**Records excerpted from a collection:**

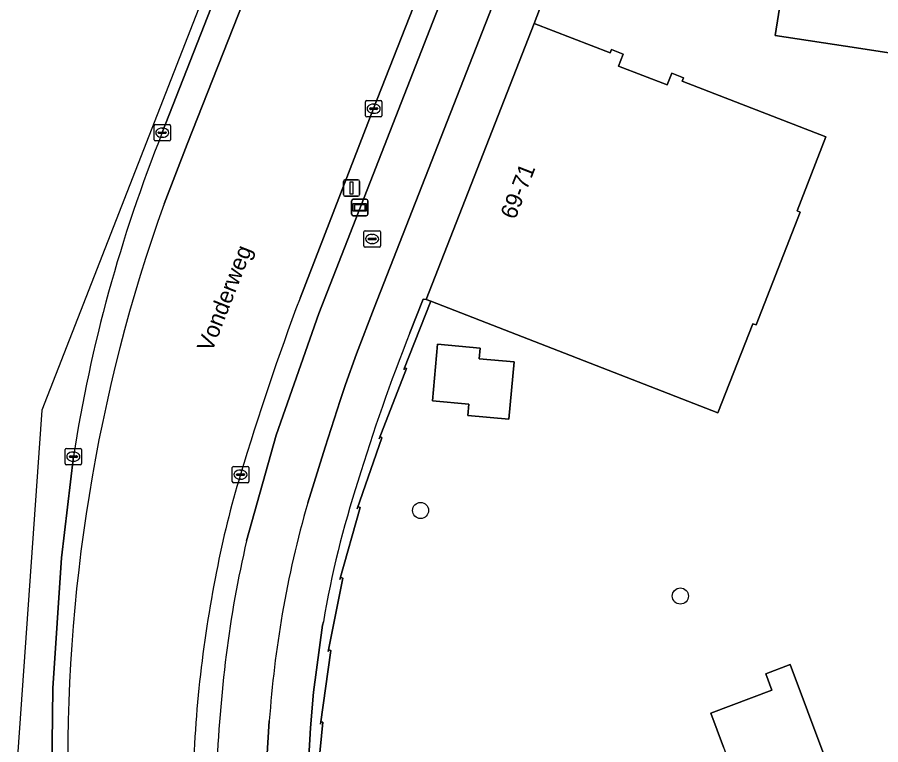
# Model space of a CAD drawing. Extents: x 160663 to 161506, y 382245 to 383291.
# Drawn here: x 160662.6 to 160715.1, y 383175.5 to 383219.7 of the extents above; entities that cross this region are included whole.
import ezdxf

# ---------------------------------------------------------------- set-up
doc = ezdxf.new("R2010")
doc.units = 0
for name, color, linetype in [('IMGEO_Berm_gesloten', 7, 'Continuous'), ('IMGEO_Berm_open', 7, 'Continuous'), ('IMGEO_Boom', 7, 'Continuous'), ('IMGEO_Erf', 7, 'Continuous'), ('IMGEO_Fietspad_open', 7, 'Continuous'), ('IMGEO_Groenvoorziening', 7, 'Continuous'), ('IMGEO_Haag', 7, 'Continuous'), ('IMGEO_Kolk', 7, 'Continuous'), ('IMGEO_Lichtmast', 7, 'Continuous'), ('IMGEO_Muur', 7, 'Continuous'), ('IMGEO_Openbare_ruimte_label', 7, 'Continuous'), ('IMGEO_Pand', 7, 'Continuous'), ('IMGEO_Pand_nummerreeks', 7, 'Continuous'), ('IMGEO_Rijbaan_lokaal_gesloten', 7, 'Continuous'), ('IMGEO_Rioolput', 7, 'Continuous'), ('IMGEO_Voetpad_open', 7, 'Continuous'), ('IMGEO_Wegwijzer', 7, 'Continuous')]:
    doc.layers.add(name, color=color, linetype=linetype)

msp = doc.modelspace()

# ---------------------------------------------------------------- linework, layer by layer
at = {"layer": 'IMGEO_Berm_gesloten'}
for points in [[(160682.777, 383241.96), (160678.423, 383230.617), (160671.403, 383212.676)], [(160671.509, 383208.353), (160672.921, 383211.969), (160678.504, 383226.154), (160682.646, 383236.805)], [(160665.999, 383192.975), (160665.276, 383186.827), (160664.748, 383178.894), (160664.679, 383172.227)]]:
    msp.add_lwpolyline(points, dxfattribs=at)
for centre, radius, start, end in [((160755.351, 383179.057), 90.429, 158.17537, 171.14663), ((160766.24, 383174.55), 100.581, 160.36227, 181.25641)]:
    msp.add_arc(centre, radius, start, end, dxfattribs=at)
at = {"layer": 'IMGEO_Berm_open'}
msp.add_lwpolyline([(160676.527, 383187.847), (160678.329, 383194.283), (160680.92, 383201.675), (160693.034, 383232.719), (160699.754, 383250), (160704.215, 383261.301), (160704.704, 383262.55), (160703.286, 383262.794), (160702.787, 383261.521), (160699.61, 383253.4), (160698.283, 383250), (160691.754, 383233.279), (160684.248, 383214.133), (160679.772, 383202.618)], dxfattribs=at)
for centre, radius, start, end in [((160837.295, 383143.662), 168.194, 159.4807, 163.34248), ((160731.423, 383175.025), 57.776, 163.04368, 169.06695), ((160740.401, 383172.863), 65.608, 166.79796, 172.95041), ((160749.666, 383171.084), 76.436, 168.75951, 178.89467), ((160756.054, 383170.693), 81.409, 172.7867, 177.90714)]:
    msp.add_arc(centre, radius, start, end, dxfattribs=at)
at = {"layer": 'IMGEO_Boom'}
for centre in [(160687.098, 383189.698), (160702.886, 383184.494)]:
    msp.add_circle(centre, 0.489, dxfattribs=at)
at = {"layer": 'IMGEO_Erf'}
for points in [[(160740.336, 383229.582), (160748.104, 383219.035), (160740.221, 383213.255), (160739.944, 383211.542), (160738.252, 383211.811), (160730.354, 383206.06), (160722.607, 383216.6), (160720.665, 383215.187), (160719.369, 383216.946), (160713.6, 383217.83), (160708.657, 383218.588), (160709.673, 383225.118)], [(160696.054, 383224.71), (160694.007, 383219.314), (160698.617, 383217.52), (160698.696, 383217.725), (160699.41, 383217.451), (160699.13, 383216.723), (160702.084, 383215.573), (160702.378, 383216.295), (160703.081, 383216.009), (160703.002, 383215.815), (160711.726, 383212.416), (160709.976, 383207.91), (160710.171, 383207.833), (160707.498, 383200.977), (160707.293, 383201.057), (160705.171, 383195.634), (160687.718, 383202.423), (160686.074, 383198.261), (160686.135, 383198.38), (160686.238, 383198.331), (160684.578, 383194.06), (160684.637, 383194.186), (160684.746, 383194.124), (160683.252, 383189.796), (160683.308, 383189.923), (160683.42, 383189.871), (160682.202, 383185.493), (160682.257, 383185.625), (160682.375, 383185.575), (160681.483, 383181.119), (160681.526, 383181.232), (160681.646, 383181.19), (160681.02, 383176.711), (160681.047, 383176.835), (160681.165, 383176.816), (160680.714, 383172.272)], [(160705.515, 383175.3), (160704.744, 383177.37), (160708.449, 383178.777), (160708.071, 383179.767), (160709.56, 383180.338), (160712.727, 383171.875)]]:
    msp.add_lwpolyline(points, dxfattribs=at)
msp.add_lwpolyline([(160692.459, 383195.244), (160689.964, 383195.474), (160690.028, 383196.171), (160687.82, 383196.374), (160688.135, 383199.801), (160690.72, 383199.564), (160690.661, 383198.926), (160692.78, 383198.732)], close=True, dxfattribs=at)
at = {"layer": 'IMGEO_Fietspad_open'}
for points in [[(160709.046, 383265.279), (160709.286, 383265.775), (160706.248, 383266.496), (160704.704, 383262.55), (160704.215, 383261.301), (160699.754, 383250), (160693.034, 383232.719), (160680.92, 383201.675), (160678.329, 383194.283), (160676.527, 383187.847)], [(160680.242, 383190.168), (160681.295, 383193.552), (160682.218, 383196.394), (160682.535, 383197.355), (160683.214, 383199.23), (160684.277, 383202.023), (160694.135, 383227.242), (160702.977, 383250)], [(160678.062, 383157.847), (160677.872, 383159.844), (160677.706, 383161.844), (160677.655, 383162.864), (160677.604, 383164.862), (160677.598, 383167.868), (160677.66, 383172.913), (160677.907, 383176.899)]]:
    msp.add_lwpolyline(points, dxfattribs=at)
for centre, radius, start, end in [((160739.529, 383173.048), 61.709, 163.89296, 170.33218), ((160740.401, 383172.863), 65.608, 166.79796, 172.95041), ((160743.289, 383172.281), 65.545, 170.22343, 175.9599), ((160756.054, 383170.693), 81.409, 172.7867, 177.90714)]:
    msp.add_arc(centre, radius, start, end, dxfattribs=at)
at = {"layer": 'IMGEO_Groenvoorziening'}
for points in [[(160680.714, 383172.272), (160681.165, 383176.816), (160681.047, 383176.835), (160681.02, 383176.711), (160681.646, 383181.19), (160681.526, 383181.232), (160681.483, 383181.119), (160682.375, 383185.575), (160682.257, 383185.625), (160682.202, 383185.493), (160683.42, 383189.871), (160683.308, 383189.923), (160683.252, 383189.796), (160684.746, 383194.124), (160684.637, 383194.186), (160684.578, 383194.06), (160686.238, 383198.331), (160686.135, 383198.38), (160686.074, 383198.261), (160687.718, 383202.423), (160687.445, 383202.529), (160687.258, 383202.55), (160686.447, 383200.495)], [(160681.192, 383182.923), (160681.149, 383182.722), (160680.584, 383178.639), (160680.413, 383176.477), (160680.208, 383172.951)]]:
    msp.add_lwpolyline(points, dxfattribs=at)
for centre, radius, start, end in [((160798.56, 383156.195), 120.548, 158.43909, 162.9859), ((160741.821, 383172.581), 61.504, 162.11641, 170.31968)]:
    msp.add_arc(centre, radius, start, end, dxfattribs=at)
at = {"layer": 'IMGEO_Haag'}
for points in [[(160680.714, 383172.272), (160681.165, 383176.816), (160681.047, 383176.835), (160681.02, 383176.711), (160681.646, 383181.19), (160681.526, 383181.232), (160681.483, 383181.119), (160682.375, 383185.575), (160682.257, 383185.625), (160682.202, 383185.493), (160683.42, 383189.871), (160683.308, 383189.923), (160683.252, 383189.796), (160684.746, 383194.124), (160684.637, 383194.186), (160684.578, 383194.06), (160686.238, 383198.331), (160686.135, 383198.38), (160686.074, 383198.261), (160687.718, 383202.423), (160687.445, 383202.529), (160687.258, 383202.55), (160686.447, 383200.495)], [(160681.192, 383182.923), (160681.149, 383182.722), (160680.584, 383178.639), (160680.413, 383176.477), (160680.208, 383172.951)]]:
    msp.add_lwpolyline(points, dxfattribs=at)
for centre, radius, start, end in [((160798.56, 383156.195), 120.548, 158.43909, 162.9859), ((160741.821, 383172.581), 61.504, 162.11641, 170.31968)]:
    msp.add_arc(centre, radius, start, end, dxfattribs=at)
at = {"layer": 'IMGEO_Kolk'}
for p, q in [((160683.749, 383213.706), (160683.749, 383214.558)), ((160683.824, 383214.632), (160684.676, 383214.632)), ((160684.75, 383214.558), (160684.75, 383213.706)), ((160684.008, 383214.126), (160684.008, 383214.138)), ((160684.446, 383214.089), (160684.048, 383214.089)), ((160684.051, 383214.175), (160684.449, 383214.175)), ((160684.237, 383214.412), (160684.262, 383214.412)), ((160684.492, 383214.138), (160684.492, 383214.126)), ((160684.676, 383213.632), (160683.824, 383213.632)), ((160684.26, 383213.852), (160684.235, 383213.852)), ((160670.901, 383212.244), (160670.901, 383213.096)), ((160670.976, 383213.17), (160671.828, 383213.17)), ((160671.389, 383212.95), (160671.414, 383212.95)), ((160671.902, 383213.096), (160671.902, 383212.244)), ((160671.16, 383212.664), (160671.16, 383212.676)), ((160671.598, 383212.627), (160671.2, 383212.627)), ((160671.203, 383212.713), (160671.601, 383212.713)), ((160671.644, 383212.676), (160671.644, 383212.664)), ((160671.828, 383212.17), (160670.976, 383212.17)), ((160671.412, 383212.39), (160671.387, 383212.39)), ((160665.498, 383192.545), (160665.498, 383193.397)), ((160665.573, 383193.471), (160666.425, 383193.471)), ((160665.8, 383193.014), (160666.198, 383193.014)), ((160665.986, 383193.251), (160666.011, 383193.251)), ((160666.499, 383193.397), (160666.499, 383192.545)), ((160666.425, 383192.471), (160665.573, 383192.471)), ((160665.757, 383192.965), (160665.757, 383192.977)), ((160666.195, 383192.928), (160665.797, 383192.928)), ((160666.009, 383192.691), (160665.984, 383192.691)), ((160666.241, 383192.977), (160666.241, 383192.965)), ((160675.659, 383191.45), (160675.659, 383192.302)), ((160675.734, 383192.376), (160676.586, 383192.376)), ((160676.147, 383192.156), (160676.172, 383192.156)), ((160676.66, 383192.302), (160676.66, 383191.45)), ((160675.918, 383191.87), (160675.918, 383191.882)), ((160676.356, 383191.833), (160675.958, 383191.833)), ((160675.961, 383191.919), (160676.359, 383191.919)), ((160676.17, 383191.596), (160676.145, 383191.596)), ((160676.402, 383191.882), (160676.402, 383191.87)), ((160676.586, 383191.376), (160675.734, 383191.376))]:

**Work task:** What you give back must match the lines from the start of the records through the line that contains "doc.units = 0", exactly, with the pictures left out.

**Finished task:**
# Model space of a CAD drawing. Extents: x 160663 to 161506, y 382245 to 383291.
# Drawn here: x 160662.6 to 160715.1, y 383175.5 to 383219.7 of the extents above; entities that cross this region are included whole.
import ezdxf

# ---------------------------------------------------------------- set-up
doc = ezdxf.new("R2010")
doc.units = 0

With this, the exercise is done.